So it sounds like baseline Cleanse will remove diseases and poison, and magic dispelling will be made a Holy talent. Interesting.

Then this morning, we awoke to this ominous announcement of our imminent class preview:

The paladin is still deep in development. Instead of giving a preview that would be potentially less comprehensive than the other classes we made the decision to post it when it’s ready, in order to properly honor the paladin class and those that play them. The wait isn’t too long however as we’re expecting to be able to post it on April 16.

I wonder what this means? Personally I hope it’s a confirmation that big changes are coming to all of our trees and that Blizz is actively taking into consideration my wise counsel and prognostications, haha.

I can’t wait for April 16th to see what’s in store for us.

How to spice up tankadin threat in Cataclysm

So it goes without saying that Paladin threat generation as it stands now is, shall we say, fairly straightforward. Unassuming. Non-pretentious. Some might go so far as to describe it as faceroll.

Indeed, some of us might treat the ease of the Paladin rotation the same way we treat that no-good uncle of ours who’s had one too many run-ins with the local constabulary. Around the family dinner table you might joke about what an idiot he is, but you’ll invariably flip out on a neighbor that’s gossiping about him like some clucking hen. No one makes fun of family except for family, right?

Well, let’s pretend this is the familial dinner table. We need to talk about Uncle Faceroll.

One of the biggest problems with Paladin tanking in general is how automated and streamlined it is. The whole process requires minimal input compared to other classes. Oh sure, we have a wide range of buttons to press, but there’s something version wrong when you can bind that whole rotation to two macros. Our second “cooldown” kicks in automatically, our AP debuff is applied automatically, our attack speed debuff is tacked on to an ability we already use. In short, our tanking style requires significantly less input than other classes.

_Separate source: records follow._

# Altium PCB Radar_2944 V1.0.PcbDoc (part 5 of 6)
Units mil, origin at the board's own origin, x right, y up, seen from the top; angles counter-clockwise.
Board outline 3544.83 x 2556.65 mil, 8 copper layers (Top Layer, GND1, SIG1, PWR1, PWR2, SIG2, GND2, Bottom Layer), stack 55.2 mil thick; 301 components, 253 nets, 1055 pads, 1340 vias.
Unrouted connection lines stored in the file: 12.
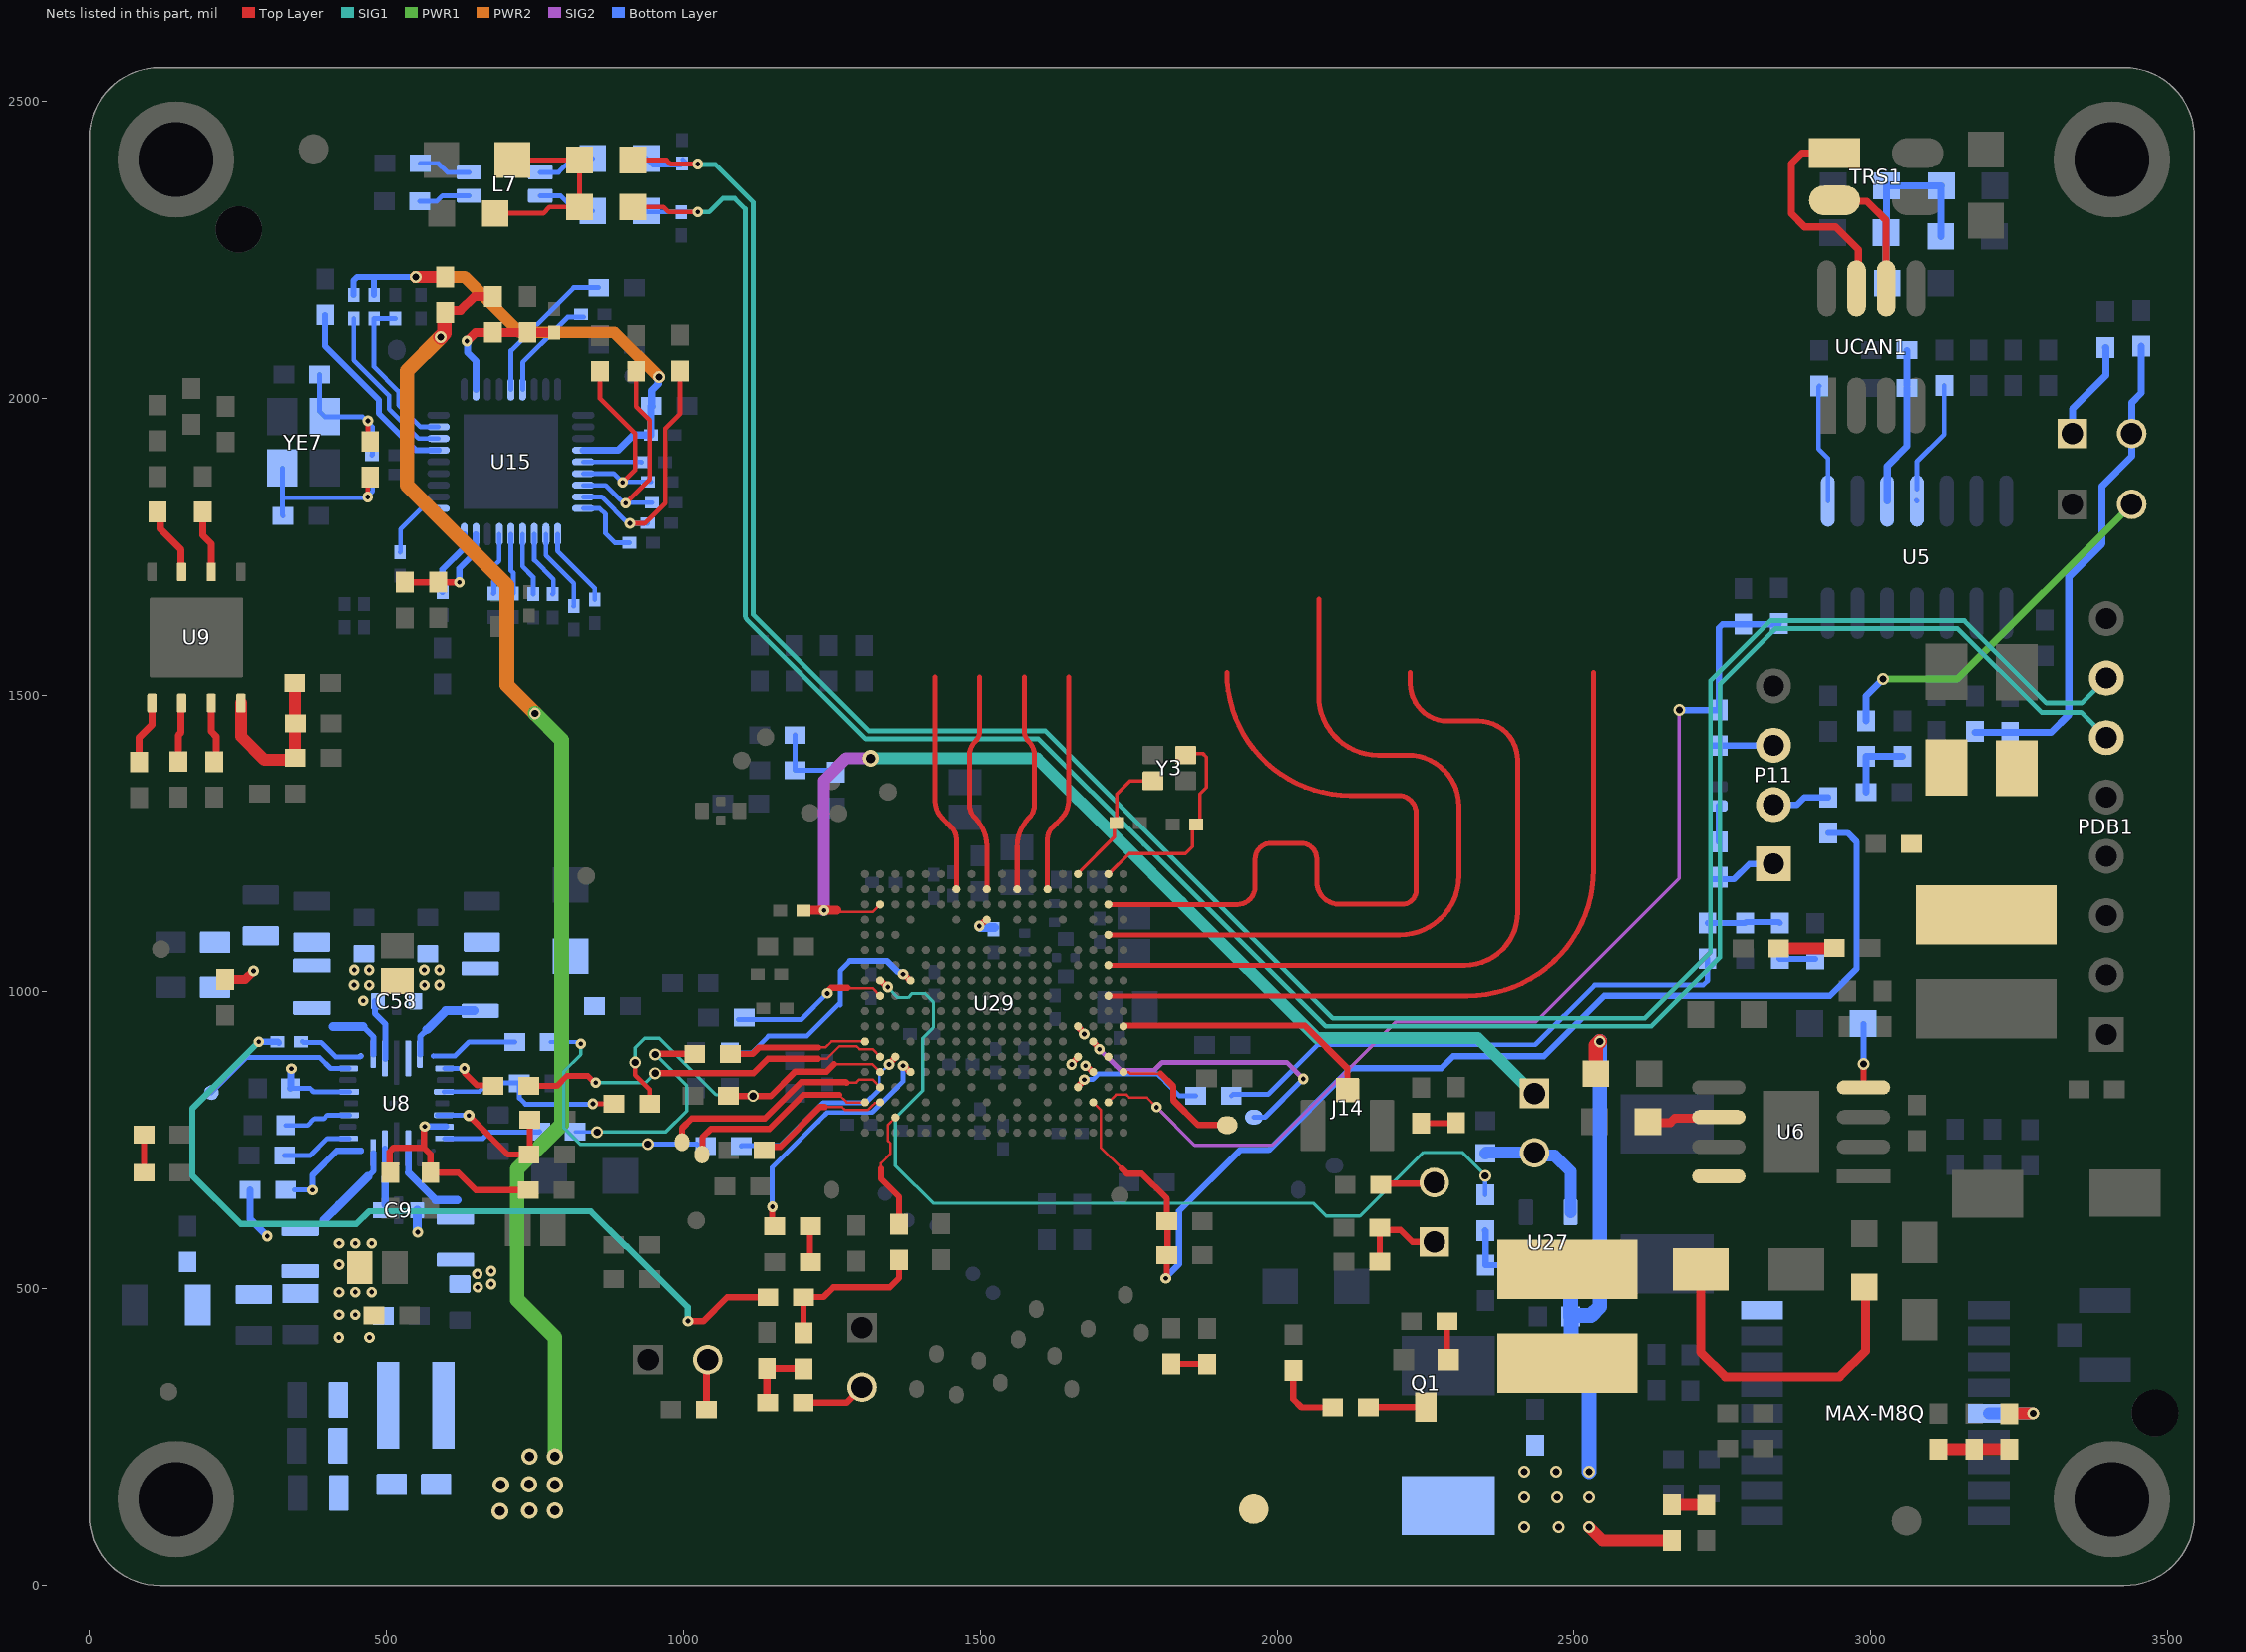
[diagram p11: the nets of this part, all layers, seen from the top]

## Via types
v1: diameter 13.77, hole 5.9, Top Layer to GND1, tented both sides, 427 vias
v2: diameter 18, hole 8, Top Layer to Bottom Layer, tented both sides, 341 vias
v3: diameter 13.77/13.77 (per signal layer), hole 5.9, Top Layer to GND1, tented both sides, 229 vias
v4: diameter 20, hole 12, Top Layer to Bottom Layer, tented both sides, 165 vias
v5: diameter 13.77, hole 5.9, Top Layer to GND1, tented top, 140 vias
v6: diameter 20, hole 10, Top Layer to Bottom Layer, tented both sides, 19 vias
v7: diameter 32, hole 20, Top Layer to Bottom Layer, tented both sides, 9 vias
v8: diameter 28, hole 16, Top Layer to Bottom Layer, tented both sides, 9 vias
v9: diameter 19.68, hole 7.87, Top Layer to Bottom Layer, tented both sides, 1 vias

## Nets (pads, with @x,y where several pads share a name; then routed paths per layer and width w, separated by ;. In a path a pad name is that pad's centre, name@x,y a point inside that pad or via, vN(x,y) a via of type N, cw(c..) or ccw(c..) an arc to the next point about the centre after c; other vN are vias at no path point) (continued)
MSS_SPIA_MOSI: pad.25 U29.U15 | length 398.5
  Top Layer w4.19: 1274.57,847.58 1291.61,847.58 1296.72,852.7 1311.52,852.7 ; 1311.53,852.69 1319.03,852.69 U29.U15@1331.81,839.9
  Top Layer w10.6: pad.25@997.69,747.06 997.69,770.72 1013.85,786.88 1137.54,786.88 1198.95,848.3 1273.85,848.3 1274.57,847.58 1275.16,846.99
MSS_SPIB_CLK: R63.2 R380.1 | length 454.6
  SIG1 w5.5: v2(827.69,912.93) 827.69,894.76 799.32,866.39 799.32,770.98 826.68,743.62 v4(940.29,743.62)
  Bottom Layer w6: R63.2@776.37,915.88 824.75,915.88 v2(827.69,912.93)
  Bottom Layer w8.3: v4(940.29,743.62) 1023.24,743.62 1031.23,735.63 R380.1@1032.53,736.93
MSS_SPIB_CS0: R190.1 R273.1 U29.U14 | length 634.6
  Top Layer w4.19: 1254.14,878.3 1265.26,878.3 ; 1265.28,878.29 1319.01,878.29 U29.U14@1331.81,865.5
  Top Layer w8: v4(919.16,881.74) 919.16,860.29 943.45,836.01 R190.1@943.45,811.76
  Top Layer w10.6: R273.1@1078.75,823.13 1080.24,823.13 1078.4,824.97 v4(1117.31,824.97) 1147.25,824.97 1188.18,865.9 1241.73,865.9 1254.14,878.3
  SIG1 w5.5: v4(919.16,881.74) 919.16,906.37 935.09,922.3 959.44,922.3 1054.63,827.11 1115.17,827.11 v4(1117.31,824.97)
MSS_SPIB_CS1: pad.26 U29.V16 | length 338.4
  Top Layer w4.19: 1262.43,827.1 1275.21,814.31 U29.V16@1306.22,814.31
  Top Layer w10.6: pad.26@1031.19,726.29 1032.02,727.12 1032.02,754.95 1046.34,769.28 1144.83,769.28 1202.64,827.1 1262.43,827.1
MSS_SPIB_MISO: R193.2 U29.U13 | length 636.4
  Top Layer w4: 1227.35,887.98 1242.24,887.98 1263.35,909.09 1291.57,909.09 1296.78,903.88 1319.01,903.88 U29.U13@1331.81,891.09
  Top Layer w10: R193.2@740.06,841.75 787.25,841.75 804.31,858.81 839.53,858.81 850.77,847.57 v2(852.94,847.57)
  Top Layer w10.6: v4(952.72,863.34) 1117.96,863.34 1142.6,887.98 1227.35,887.98
  SIG1 w5.5: v2(852.94,847.57) 936.95,847.57 v4(952.72,863.34)
MSS_SPIB_MOSI: R186.2 R381.1 | length 387
  Top Layer w10.6: v4(952.72,895.18) 953.64,896.11 1018.88,896.11 R381.1@1019.22,895.77
  SIG1 w6: v4(855.35,763.75) 855.86,764.26 970.07,764.26 1005.52,799.7 1005.52,842.38 v4(952.72,895.18)
  Bottom Layer w6: R186.2@818.22,764.75 854.36,764.75 v4(855.35,763.75)
MSS_UARTA_RX: RC31.1 Rs301.1 Rs303.2 U29.B16 | length 1780.4
  Top Layer w4.19: U29.B16@1715.67,814.31 1728.45,827.1 1735.94,827.1 ; 1735.96,827.11 1746.56,827.11 1751.36,822.31 1780.88,822.31 v2(1797,806.18)
  SIG2 w5.5: v2(1797,806.18) 1861.21,741.98 1992.24,741.98 2200.25,949.99 2435.82,949.99 2676.9,1191.07 v4(2676.9,1474.68)
  Bottom Layer w10.6: v4(2676.9,1474.68) 2743.32,1474.68 2743.64,1475 2743.64,1612.79 2749.85,1619 Rs303.2@2785,1619 2844,1619 Rs301.1@2845,1620
NERR_MCU: R76.2 U8.16 | length 119.6
  Bottom Layer w8.3: R76.2@329.09,724.53 372.01,724.53 400.76,753.29 U8.16@436.82,753.29
NetC8G_1: C8G.1 L11.1 R8G.2 | length 118.9
  Top Layer w20: C8G.1@3113.7,230.33 L11.1@3173.64,230.33 3173.92,230.06 R8G.2@3232.49,230.06
NetC11_2: C11.2 R16.1 U5.3 | length 262.7
  Bottom Layer w12: U5.3@3027.45,1826.48 3027.45,1885.48 3060.59,1918.62 R16.1@3060.59,2017.08 ; R16.1@3060.54,2021.25 C11.2@3060.54,2079.61
NetC13_2: C13.2 R15.1 R24.2 | length 121.3
  Bottom Layer w12: C13.2@2991.85,1336.34 2991.99,1336.48 R15.1@2991.99,1396.59 R24.2@3052.99,1396.59
NetC51_1: C51.1 C52.1 R5.2 U15.11 | length 240.7
  Top Layer w15: v2(635.63,2095.85) 650.3,2110.52 R5.2@679.46,2110.52 C51.1@737.88,2110.52 C52.1@782.71,2110.52
  Bottom Layer w12: v2(635.63,2095.85) 636.77,2094.7 636.77,2076.42 650.9,2062.3 U15.11@650.9,2014.6
NetC90_2: C90.2 C91.2 R37.2 U9.8 | length 281.5
  Top Layer w20: U9.8@255.44,1486.42 255.44,1430.6 295.18,1390.86 C91.2@340.38,1390.86 ; R37.2@346.65,1518.46 346.65,1452.2 346.65,1399.2 346.8,1399.04 C91.2@346.8,1394.2
NetC95_1: C95.1 R242.2 R248.1 YE7.1 | length 247.9
  Top Layer w8: v2(468.89,1961.79) 468.89,1930.66 R248.1@472.64,1926.91
  Bottom Layer w8: C95.1@387.71,2039.65 387.71,1977 396.27,1968.45 459.53,1968.45 466.19,1961.79 v2(468.89,1961.79) 468.89,1959.64 476.43,1952.1 476.43,1904.56 R242.2@475.7,1903.84
NetC121_1: C121.1 R246.1 R248.2 YE7.2 | length 302.9
  Top Layer w8: v2(468.62,1833.31) 468.62,1862.9 R248.2@472.64,1866.91
  Bottom Layer w8: YE7.2@325.25,1881.99 325.25,1832.03 ; C121.1@326.35,1801.51 325.25,1802.61 325.25,1832.03 ; R246.1@475.6,1871.45 476.88,1870.16 476.88,1843 468.59,1834.7 468.59,1832.03 325.25,1832.03
NetC123_2: C123.2 U8.18 | length 114.2
  Bottom Layer w8: C123.2@330.78,775.43 367.57,775.43 378.24,786.1 379.23,786.1 379.59,786.46 394.58,786.46 400.77,792.66 409.01,792.66
  Bottom Layer w8.3: 409.01,792.66 U8.18@437.8,792.66
NetC128_1: C128.1 J1.2 R52.1 R55.2 | length 841.2
  Bottom Layer w12: R52.1@3175.02,1437.12 3233.95,1437.12 3303.14,1437.12 3333.08,1467.05 3333.08,1698.51 3388.63,1754.07 3388.63,1851.42 3439.05,1901.84 J1.2@3439.05,1940.42 3439.05,1992.35 3455.11,2008.41 C128.1@3455.11,2087.27
NetC149_2: C149.2 P1.2 U27.5 | length 225.3
  Bottom Layer w20: C149.2@2350.97,728.2 2352.02,729.25 P1.2@2433.39,729.25 2438.18,724.47 2467.34,724.47 2493.85,697.96 U27.5@2493.85,628.94
NetC167_1: C167.1 R275.1 R281.1 R282.2 | length 339.1
  Top Layer w8: R282.2@683.31,2310.74 764.61,2310.74 775.19,2321.31 R281.1@825.64,2321.31 R275.1@825.64,2400.56 712.66,2400.56 C167.1@712.54,2400.68
NetCN1_1: CN1.1 RCN1.1 RCN2.2 RCN3.1 RCN5.2 | length 345.8
  Bottom Layer w12: CN1.1@3026.4,2277.07 CN1.1@3025.64,2277.83 3025.64,2194.57 RCN1.1@3027.45,2192.77 ; CN1.1@3026.39,2277.9 RCN3.1@3026.39,2356.76 ; RCN3.1@3026.39,2359.78 RCN3.1@3026.39,2356.76 ; RCN2.2@3117.45,2271.76 RCN5.2@3117.45,2356.76 ; RCN5.2@3118.45,2356.76 RCN5.2@3117.45,2356.76 ; RCN3.1@3026.39,2356.76 RCN5.2@3117.45,2356.76
NetCu6_1: Cu6.1 Dr8.K Dr9.K L4.1
NetD4_1: D4.1 RC33.1 | length 60.7
  Bottom Layer w10: RC33.1@2743.51,1252.68 D4.1@2743.51,1313.36
NetD6_1: D6.1 R347.1 | length 59.8
  Top Layer w10: R347.1@2242.09,779.19 2300.84,779.19 D6.1@2301.61,779.97
NetD12_1: D12.1 R331.1 | length 60.8
  Top Layer w10.6: D12.1@1821.7,373.66 1881.94,373.66 R331.1@1882.33,373.28
NetD13_1: D13.1 R263.1 | length 120.2
  Top Layer w10.6: R263.1@2027.33,362.8 2027.33,314.31 2040.89,300.76 D13.1@2093.45,300.76
NetD13_2: D13.2 Q1.3 | length 96.7
  Top Layer w10.6: D13.2@2153.45,300.76 2153.78,301.09 Q1.3@2249.97,301.09
NetD14_1: D14.1 R332.1 | length 94.4
  Top Layer w20: D14.1@2844.45,1072.76 2844.8,1073.11 2937.8,1073.11 R332.1@2938.45,1073.76
NetD16_1: D16.1 R103.1 | length 58
  Top Layer w5.5: D16.1@2722.32,135.98 D16.1@2722.45,135.85
  Top Layer w20: R103.1@2664.49,135.98 D16.1@2722.32,135.98
NetDS2_1: DS2.1 R262.1 | length 64.1
  Top Layer w10: R262.1@92.34,695.6 DS2.1@92.34,759.66
NetJ1_1: J1.1 R110.2 | length 170
  Bottom Layer w12: J1.1@3339.05,1938.97 J1.1@3339.05,1940.42 3339.05,1982.04 3395.47,2038.45 3395.47,2084.49 R110.2@3394.68,2085.28
NetJ10_1: J10.1 R334.1 R335.2 | length 159
  Top Layer w10.6: R335.2@2172.45,545.76 2172.6,545.91 2172.6,598.83 2172.6,602.6 R334.1@2172.45,602.76 2176.38,598.83 2207.76,598.83 2227.54,579.04 J10.1@2264.47,579.04
NetJ10_2: J10.2 R333.1 | length 93
  Top Layer w10.6: R333.1@2174.2,672.54 2178.79,677.13 2262.56,677.13 J10.2@2264.47,679.04
NetJ11_2: J11.2 R267.2 | length 84.8
  Top Layer w12: R267.2@1038.72,296.92 1038.72,378.74 J11.2@1040.82,380.84
NetL1_1: L1.1 U8.11 | length 142.1
  Bottom Layer w11: 537.4,695.5 U8.11@537.4,736.37
  Bottom Layer w12: 537.4,695.5 583.41,649.48
  Bottom Layer w15: 583.41,649.48 619.59,649.48
NetMAX-M8Q_14: MAX-M8Q.14 R8G.1 | length 120.4
  Top Layer w20: R8G.1@3229,286.93 3232.76,290.69 v4(3273.06,290.69)
  Bottom Layer w20: MAX-M8Q.14@3198.28,290.69 v4(3273.06,290.69)
NetP11_1: P11.1 RC33.2 | length 113.5
  Bottom Layer w10.6: RC33.2@2733.16,1189.48 2769.22,1189.48 2795.1,1215.36 P11.1@2835.92,1215.36
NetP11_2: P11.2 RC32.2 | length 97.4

Take warriors (please! har har har) for example. They have a “counterattack” ability, a proc that can change the priority of their rotation, an “on next swing” attack, and have to actively keep up both debuffs. Druids have a dot they have to stack and actively keep up on a boss and an on-next-swing, among other things. DKs have two diseases they need to keep up on a target at all times and a counterattack. Conversely, we have a straight rotation, as immutable and immovable as a glacier.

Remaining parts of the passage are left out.